A rhesus macaque, dubbed "Cornelius" (after the Planet of the Apes character) and "The Mystery Monkey of Tampa Bay" by fans and the media, roamed the streets of St. Petersburg and evaded police and animal-control squads for years until its capture in 2012. As news reports of the macaque escalated, a growing segment of the population cheered on the monkey's constant narrow escapes, and saw him as a sort of anti-establishment hero; a fugitive whose only crime was being a monkey in a man's world.
The "mystery" about the macaque is not so much "Where did he come from?", because feral rhesus macaques are actually increasingly common in Florida. It's estimated that there are between 1,000 and 2,000 of them living in the wilderness surrounding the Silver River near Ocala. Reportedly, a tour-boat operator called "Colonel Tooey" released a few macaques along the river to help jazz up his "jungle cruise" tourist attraction in 1938, and they ended up thriving and multiplying. So the real mystery is why Cornelius left the rest of the macaques (they tend to travel in close-knit groups) and how he ended up in urban St. Pete.
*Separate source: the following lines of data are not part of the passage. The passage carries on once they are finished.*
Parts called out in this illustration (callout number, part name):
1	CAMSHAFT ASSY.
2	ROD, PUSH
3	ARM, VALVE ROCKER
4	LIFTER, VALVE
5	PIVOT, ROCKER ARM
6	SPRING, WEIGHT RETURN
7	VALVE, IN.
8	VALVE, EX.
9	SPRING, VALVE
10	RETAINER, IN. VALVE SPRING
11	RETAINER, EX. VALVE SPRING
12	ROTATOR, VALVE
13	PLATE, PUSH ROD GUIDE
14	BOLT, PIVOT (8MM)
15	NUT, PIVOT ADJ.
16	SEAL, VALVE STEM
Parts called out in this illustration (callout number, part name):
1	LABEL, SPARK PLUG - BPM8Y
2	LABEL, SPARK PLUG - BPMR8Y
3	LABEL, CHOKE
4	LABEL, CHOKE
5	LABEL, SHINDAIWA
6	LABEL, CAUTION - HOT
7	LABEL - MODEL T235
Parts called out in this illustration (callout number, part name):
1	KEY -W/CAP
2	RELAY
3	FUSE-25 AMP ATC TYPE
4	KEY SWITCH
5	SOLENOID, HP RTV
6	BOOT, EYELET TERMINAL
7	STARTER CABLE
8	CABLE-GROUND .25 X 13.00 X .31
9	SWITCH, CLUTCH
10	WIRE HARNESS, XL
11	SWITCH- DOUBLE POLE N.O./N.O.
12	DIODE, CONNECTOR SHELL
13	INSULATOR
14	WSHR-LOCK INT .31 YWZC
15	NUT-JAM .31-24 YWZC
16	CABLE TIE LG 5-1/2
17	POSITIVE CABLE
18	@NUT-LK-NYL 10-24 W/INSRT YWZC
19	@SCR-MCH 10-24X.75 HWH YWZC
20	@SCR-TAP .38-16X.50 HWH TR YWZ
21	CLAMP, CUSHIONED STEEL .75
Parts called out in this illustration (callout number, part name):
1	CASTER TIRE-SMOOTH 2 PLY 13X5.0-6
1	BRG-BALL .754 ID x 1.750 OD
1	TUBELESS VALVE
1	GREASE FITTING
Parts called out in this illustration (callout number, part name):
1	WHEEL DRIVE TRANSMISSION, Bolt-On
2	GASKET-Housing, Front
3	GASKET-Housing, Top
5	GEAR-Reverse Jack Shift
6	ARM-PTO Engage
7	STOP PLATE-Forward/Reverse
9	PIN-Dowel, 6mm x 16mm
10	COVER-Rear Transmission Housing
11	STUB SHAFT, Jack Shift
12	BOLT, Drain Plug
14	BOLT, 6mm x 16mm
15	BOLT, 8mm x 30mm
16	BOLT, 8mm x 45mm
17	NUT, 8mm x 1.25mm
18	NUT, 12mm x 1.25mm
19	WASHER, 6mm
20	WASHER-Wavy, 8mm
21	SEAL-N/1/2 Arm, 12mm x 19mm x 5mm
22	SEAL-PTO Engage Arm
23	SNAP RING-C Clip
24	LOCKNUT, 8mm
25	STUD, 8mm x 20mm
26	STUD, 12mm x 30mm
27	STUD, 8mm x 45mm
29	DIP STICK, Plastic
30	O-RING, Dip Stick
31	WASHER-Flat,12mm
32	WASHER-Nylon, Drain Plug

But Florida's wild monkey problem doesn't stop there. A band of vervet monkeys has lived near the Fort Lauderdale/Hollywood International Airport for decades, and no one's quite sure how they got here. Some say they're the descendents of long-lost escapees from a roadsize zoo attraction, while others trot out the perennial sounds-good-but-is-probably-specious rumor that old Tarzan movies filmed in Florida are what's responsible for all this monkey business. According to a 2010 article in the Miami New Times, the vervets have adopted a raccoon into their group, allowing it to travel and live with them and treating it as "a long-lost family member."